从更长远的眼光看,贿选事件实际上划出了一个时代的分界线。在此之前,无论是袁世凯还是段祺瑞,都还愿意在形式上尊重国会;在此之后,野心家们连形式都懒得尊重了。武力成为唯一的政治语言,直到北伐战争改变中国的政治格局。曹锟用钱买来了一个总统头衔,却让整个国家看清了“法统”的虚伪。这场丑闻的代价不是由曹锟一个人承担,而是由整个民初宪法秩序共同承担。直系倒台只是这一历史代价中的一小部分,更大的代价是,中国政治在很长一段时间里,再也无法回到制度化的轨道上来。

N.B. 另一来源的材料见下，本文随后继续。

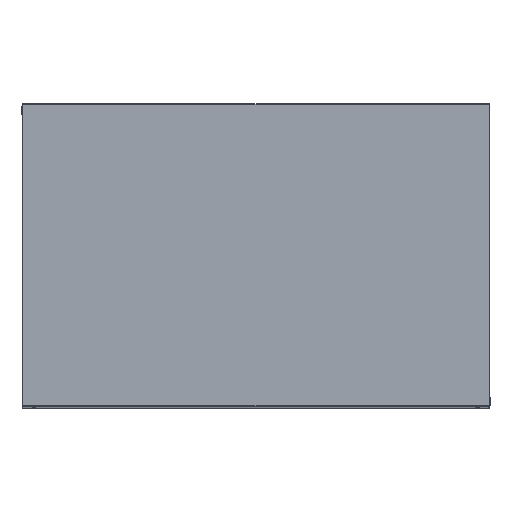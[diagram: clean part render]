
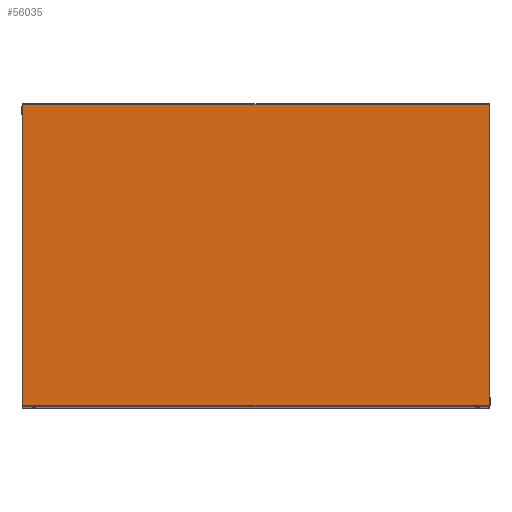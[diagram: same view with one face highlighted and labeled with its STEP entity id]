
A CAD part, top view. The second image highlights one B-rep face of the part: STEP entity #56035.
In plain terms, the highlighted planar face has unit normal (0, 0, 1).
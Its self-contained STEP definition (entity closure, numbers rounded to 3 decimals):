
#55774=CARTESIAN_POINT('',(-239.672,6009.647,936.));
#55775=VERTEX_POINT('',#55774);
#55782=CARTESIAN_POINT('',(-239.465,6009.44,936.));
#55783=VERTEX_POINT('',#55782);
#55784=CARTESIAN_POINT('',(-239.672,6009.647,936.));
#55785=DIRECTION('',(0.707,-0.707,0.0));
#55786=VECTOR('',#55785,0.293);
#55787=LINE('',#55784,#55786);
#55788=EDGE_CURVE('',#55775,#55783,#55787,.T.);
#55805=CARTESIAN_POINT('',(-656.258,6009.647,936.));
#55806=VERTEX_POINT('',#55805);
#55813=CARTESIAN_POINT('',(-656.258,6009.647,936.));
#55814=DIRECTION('',(1.0,0.0,0.0));
#55815=VECTOR('',#55814,416.586);
#55816=LINE('',#55813,#55815);
#55817=EDGE_CURVE('',#55806,#55775,#55816,.T.);
#55828=CARTESIAN_POINT('',(-239.465,5740.854,936.));
#55829=VERTEX_POINT('',#55828);
#55830=CARTESIAN_POINT('',(-239.465,6009.44,936.));
#55831=DIRECTION('',(0.0,-1.0,0.0));
#55832=VECTOR('',#55831,268.586);
#55833=LINE('',#55830,#55832);
#55834=EDGE_CURVE('',#55783,#55829,#55833,.T.);
#55860=CARTESIAN_POINT('',(-656.465,6009.44,936.));
#55861=VERTEX_POINT('',#55860);
#55868=CARTESIAN_POINT('',(-656.465,6009.44,936.));
#55869=DIRECTION('',(0.707,0.707,0.0));
#55870=VECTOR('',#55869,0.293);
#55871=LINE('',#55868,#55870);
#55872=EDGE_CURVE('',#55861,#55806,#55871,.T.);
#55891=CARTESIAN_POINT('',(-656.465,5740.854,936.));
#55892=VERTEX_POINT('',#55891);
#55899=CARTESIAN_POINT('',(-656.465,5740.854,936.));
#55900=DIRECTION('',(0.0,1.0,0.0));
#55901=VECTOR('',#55900,268.586);
#55902=LINE('',#55899,#55901);
#55903=EDGE_CURVE('',#55892,#55861,#55902,.T.);
#55922=CARTESIAN_POINT('',(-656.258,5740.647,936.));
#55923=VERTEX_POINT('',#55922);
#55930=CARTESIAN_POINT('',(-656.258,5740.647,936.));
#55931=DIRECTION('',(-0.707,0.707,0.0));
#55932=VECTOR('',#55931,0.293);
#55933=LINE('',#55930,#55932);
#55934=EDGE_CURVE('',#55923,#55892,#55933,.T.);
#55945=CARTESIAN_POINT('',(-239.672,5740.647,936.));
#55946=VERTEX_POINT('',#55945);
#55947=CARTESIAN_POINT('',(-239.672,5740.647,936.));
#55948=DIRECTION('',(-1.0,0.0,0.0));
#55949=VECTOR('',#55948,416.586);
#55950=LINE('',#55947,#55949);
#55951=EDGE_CURVE('',#55946,#55923,#55950,.T.);
#55974=CARTESIAN_POINT('',(-239.465,5740.854,936.));
#55975=DIRECTION('',(-0.707,-0.707,0.0));
#55976=VECTOR('',#55975,0.293);
#55977=LINE('',#55974,#55976);
#55978=EDGE_CURVE('',#55829,#55946,#55977,.T.);
#56020=CARTESIAN_POINT('',(-447.965,5875.147,936.));
#56021=DIRECTION('',(0.0,0.0,-1.0));
#56022=DIRECTION('',(1.0,0.0,0.0));
#56023=AXIS2_PLACEMENT_3D('',#56020,#56021,#56022);
#56024=PLANE('',#56023);
#56025=ORIENTED_EDGE('',*,*,#55788,.F.);
#56026=ORIENTED_EDGE('',*,*,#55817,.F.);
#56027=ORIENTED_EDGE('',*,*,#55872,.F.);
#56028=ORIENTED_EDGE('',*,*,#55903,.F.);
#56029=ORIENTED_EDGE('',*,*,#55934,.F.);
#56030=ORIENTED_EDGE('',*,*,#55951,.F.);
#56031=ORIENTED_EDGE('',*,*,#55978,.F.);
#56032=ORIENTED_EDGE('',*,*,#55834,.F.);
#56033=EDGE_LOOP('',(#56025,#56026,#56027,#56028,#56029,#56030,#56031,#56032));
#56034=FACE_OUTER_BOUND('',#56033,.T.);
#56035=ADVANCED_FACE('',(#56034),#56024,.F.);

贿选的故事告诉我们,当一个社会的政治制度缺乏真实的社会支持和权力制衡时,任何程序都可能沦为交易的工具。曹锟本人也许只是想要一个体面的名分,但他无意间戳破了整个北洋政治体系的虚幻气泡。那个用枪炮和金钱拼凑起来的总统宝座,连同直系的军权一起,在历史的秋风中迅速崩塌。而其所留下的,不仅是“猪仔国会”的骂名,更是一个国家在制度转型失败后的漫长阵痛。